| Extracted data |
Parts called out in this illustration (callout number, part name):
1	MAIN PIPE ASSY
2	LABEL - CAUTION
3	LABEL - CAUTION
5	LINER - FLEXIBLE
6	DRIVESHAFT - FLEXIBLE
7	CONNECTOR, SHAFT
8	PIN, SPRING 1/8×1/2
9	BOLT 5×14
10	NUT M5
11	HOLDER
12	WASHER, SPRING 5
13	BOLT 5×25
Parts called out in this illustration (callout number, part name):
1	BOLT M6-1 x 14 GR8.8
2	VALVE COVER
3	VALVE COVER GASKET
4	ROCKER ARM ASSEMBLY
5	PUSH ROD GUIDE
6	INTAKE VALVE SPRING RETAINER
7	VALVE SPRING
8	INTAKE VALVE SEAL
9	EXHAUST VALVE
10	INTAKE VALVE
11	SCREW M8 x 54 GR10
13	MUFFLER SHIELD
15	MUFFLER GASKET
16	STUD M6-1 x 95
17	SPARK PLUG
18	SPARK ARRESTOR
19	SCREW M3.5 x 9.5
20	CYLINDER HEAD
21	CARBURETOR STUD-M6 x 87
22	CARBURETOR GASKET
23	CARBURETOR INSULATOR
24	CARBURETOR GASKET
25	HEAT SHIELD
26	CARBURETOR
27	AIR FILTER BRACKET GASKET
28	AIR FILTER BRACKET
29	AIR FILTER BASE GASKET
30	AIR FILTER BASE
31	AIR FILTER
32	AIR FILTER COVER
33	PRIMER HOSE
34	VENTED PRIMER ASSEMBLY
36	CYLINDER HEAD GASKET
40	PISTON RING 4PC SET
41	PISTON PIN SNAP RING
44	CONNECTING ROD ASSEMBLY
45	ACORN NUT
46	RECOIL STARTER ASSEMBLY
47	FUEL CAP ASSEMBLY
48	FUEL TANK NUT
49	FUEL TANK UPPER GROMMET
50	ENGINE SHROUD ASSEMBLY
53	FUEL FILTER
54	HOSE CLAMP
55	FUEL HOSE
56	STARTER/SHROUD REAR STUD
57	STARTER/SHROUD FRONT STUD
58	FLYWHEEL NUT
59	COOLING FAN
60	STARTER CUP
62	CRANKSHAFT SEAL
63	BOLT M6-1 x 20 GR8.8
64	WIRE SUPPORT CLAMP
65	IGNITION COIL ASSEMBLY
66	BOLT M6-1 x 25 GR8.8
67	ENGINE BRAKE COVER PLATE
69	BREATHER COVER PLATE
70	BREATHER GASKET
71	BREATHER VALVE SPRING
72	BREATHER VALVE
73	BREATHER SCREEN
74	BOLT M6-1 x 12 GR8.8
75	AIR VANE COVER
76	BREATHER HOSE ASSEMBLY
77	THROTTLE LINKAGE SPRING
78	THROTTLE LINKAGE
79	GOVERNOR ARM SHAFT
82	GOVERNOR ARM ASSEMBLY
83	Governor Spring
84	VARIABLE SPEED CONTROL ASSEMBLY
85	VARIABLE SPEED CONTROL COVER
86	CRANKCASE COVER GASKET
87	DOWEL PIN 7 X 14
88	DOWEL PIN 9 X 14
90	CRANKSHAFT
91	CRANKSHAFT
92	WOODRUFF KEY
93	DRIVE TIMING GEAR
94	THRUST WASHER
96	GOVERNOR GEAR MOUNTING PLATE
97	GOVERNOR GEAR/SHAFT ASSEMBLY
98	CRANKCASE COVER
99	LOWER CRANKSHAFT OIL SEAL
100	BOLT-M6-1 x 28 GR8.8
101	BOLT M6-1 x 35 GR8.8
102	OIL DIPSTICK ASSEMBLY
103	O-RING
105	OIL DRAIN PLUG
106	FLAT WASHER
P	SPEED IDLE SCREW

| Task prompt |
Once you have read the material, set it down again word for word.

| Answer box |
Parts called out in this illustration (callout number, part name):
1	MAIN PIPE ASSY
2	LABEL - CAUTION
3	LABEL - CAUTION
5	LINER - FLEXIBLE
6	DRIVESHAFT - FLEXIBLE
7	CONNECTOR, SHAFT
8	PIN, SPRING 1/8×1/2
9	BOLT 5×14
10	NUT M5
11	HOLDER
12	WASHER, SPRING 5
13	BOLT 5×25
Parts called out in this illustration (callout number, part name):
1	BOLT M6-1 x 14 GR8.8
2	VALVE COVER
3	VALVE COVER GASKET
4	ROCKER ARM ASSEMBLY
5	PUSH ROD GUIDE
6	INTAKE VALVE SPRING RETAINER
7	VALVE SPRING
8	INTAKE VALVE SEAL
9	EXHAUST VALVE
10	INTAKE VALVE
11	SCREW M8 x 54 GR10
13	MUFFLER SHIELD
15	MUFFLER GASKET
16	STUD M6-1 x 95
17	SPARK PLUG
18	SPARK ARRESTOR
19	SCREW M3.5 x 9.5
20	CYLINDER HEAD
21	CARBURETOR STUD-M6 x 87
22	CARBURETOR GASKET
23	CARBURETOR INSULATOR
24	CARBURETOR GASKET
25	HEAT SHIELD
26	CARBURETOR
27	AIR FILTER BRACKET GASKET
28	AIR FILTER BRACKET
29	AIR FILTER BASE GASKET
30	AIR FILTER BASE
31	AIR FILTER
32	AIR FILTER COVER
33	PRIMER HOSE
34	VENTED PRIMER ASSEMBLY
36	CYLINDER HEAD GASKET
40	PISTON RING 4PC SET
41	PISTON PIN SNAP RING
44	CONNECTING ROD ASSEMBLY
45	ACORN NUT
46	RECOIL STARTER ASSEMBLY
47	FUEL CAP ASSEMBLY
48	FUEL TANK NUT
49	FUEL TANK UPPER GROMMET
50	ENGINE SHROUD ASSEMBLY
53	FUEL FILTER
54	HOSE CLAMP
55	FUEL HOSE
56	STARTER/SHROUD REAR STUD
57	STARTER/SHROUD FRONT STUD
58	FLYWHEEL NUT
59	COOLING FAN
60	STARTER CUP
62	CRANKSHAFT SEAL
63	BOLT M6-1 x 20 GR8.8
64	WIRE SUPPORT CLAMP
65	IGNITION COIL ASSEMBLY
66	BOLT M6-1 x 25 GR8.8
67	ENGINE BRAKE COVER PLATE
69	BREATHER COVER PLATE
70	BREATHER GASKET
71	BREATHER VALVE SPRING
72	BREATHER VALVE
73	BREATHER SCREEN
74	BOLT M6-1 x 12 GR8.8
75	AIR VANE COVER
76	BREATHER HOSE ASSEMBLY
77	THROTTLE LINKAGE SPRING
78	THROTTLE LINKAGE
79	GOVERNOR ARM SHAFT
82	GOVERNOR ARM ASSEMBLY
83	Governor Spring
84	VARIABLE SPEED CONTROL ASSEMBLY
85	VARIABLE SPEED CONTROL COVER
86	CRANKCASE COVER GASKET
87	DOWEL PIN 7 X 14
88	DOWEL PIN 9 X 14
90	CRANKSHAFT
91	CRANKSHAFT
92	WOODRUFF KEY
93	DRIVE TIMING GEAR
94	THRUST WASHER
96	GOVERNOR GEAR MOUNTING PLATE
97	GOVERNOR GEAR/SHAFT ASSEMBLY
98	CRANKCASE COVER
99	LOWER CRANKSHAFT OIL SEAL
100	BOLT-M6-1 x 28 GR8.8
101	BOLT M6-1 x 35 GR8.8
102	OIL DIPSTICK ASSEMBLY
103	O-RING
105	OIL DRAIN PLUG
106	FLAT WASHER
P	SPEED IDLE SCREW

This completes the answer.